Data in this exercise>
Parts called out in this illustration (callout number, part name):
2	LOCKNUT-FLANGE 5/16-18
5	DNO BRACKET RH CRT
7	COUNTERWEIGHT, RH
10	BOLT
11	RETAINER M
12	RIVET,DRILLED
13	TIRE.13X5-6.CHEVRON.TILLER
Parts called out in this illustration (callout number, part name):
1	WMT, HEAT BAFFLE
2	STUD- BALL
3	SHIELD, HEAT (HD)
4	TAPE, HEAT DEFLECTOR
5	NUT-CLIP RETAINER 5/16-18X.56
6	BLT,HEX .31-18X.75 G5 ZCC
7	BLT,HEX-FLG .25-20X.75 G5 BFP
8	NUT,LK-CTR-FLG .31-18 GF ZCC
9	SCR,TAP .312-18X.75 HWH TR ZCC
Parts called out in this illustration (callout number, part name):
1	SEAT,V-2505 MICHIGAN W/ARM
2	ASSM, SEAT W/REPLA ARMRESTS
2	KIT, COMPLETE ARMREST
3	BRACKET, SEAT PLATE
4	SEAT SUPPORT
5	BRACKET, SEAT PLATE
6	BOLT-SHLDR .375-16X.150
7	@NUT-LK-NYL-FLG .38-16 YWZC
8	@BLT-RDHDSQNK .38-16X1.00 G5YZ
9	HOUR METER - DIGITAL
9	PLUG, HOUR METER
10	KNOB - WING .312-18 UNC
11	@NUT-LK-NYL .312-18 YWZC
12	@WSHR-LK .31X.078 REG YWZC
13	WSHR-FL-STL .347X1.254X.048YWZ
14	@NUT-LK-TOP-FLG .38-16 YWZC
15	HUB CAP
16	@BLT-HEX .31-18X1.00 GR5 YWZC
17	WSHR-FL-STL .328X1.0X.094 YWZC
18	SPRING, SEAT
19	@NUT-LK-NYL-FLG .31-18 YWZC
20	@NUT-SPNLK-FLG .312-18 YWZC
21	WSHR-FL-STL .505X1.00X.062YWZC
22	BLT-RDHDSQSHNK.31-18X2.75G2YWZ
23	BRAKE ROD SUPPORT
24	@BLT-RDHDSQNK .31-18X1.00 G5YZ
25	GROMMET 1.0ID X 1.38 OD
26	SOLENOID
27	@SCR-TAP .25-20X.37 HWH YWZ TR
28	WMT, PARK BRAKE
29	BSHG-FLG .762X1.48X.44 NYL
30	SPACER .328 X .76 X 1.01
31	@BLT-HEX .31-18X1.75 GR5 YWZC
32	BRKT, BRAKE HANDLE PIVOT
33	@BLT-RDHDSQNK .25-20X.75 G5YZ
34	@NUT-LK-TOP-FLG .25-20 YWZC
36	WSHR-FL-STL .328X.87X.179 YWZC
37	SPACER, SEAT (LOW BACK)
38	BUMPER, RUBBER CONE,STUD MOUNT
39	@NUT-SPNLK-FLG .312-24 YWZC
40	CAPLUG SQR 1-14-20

Problem to work on>
Take every line above carrying "RETAINER" and return it.

Answer to this task>
11	RETAINER M
5	NUT-CLIP RETAINER 5/16-18X.56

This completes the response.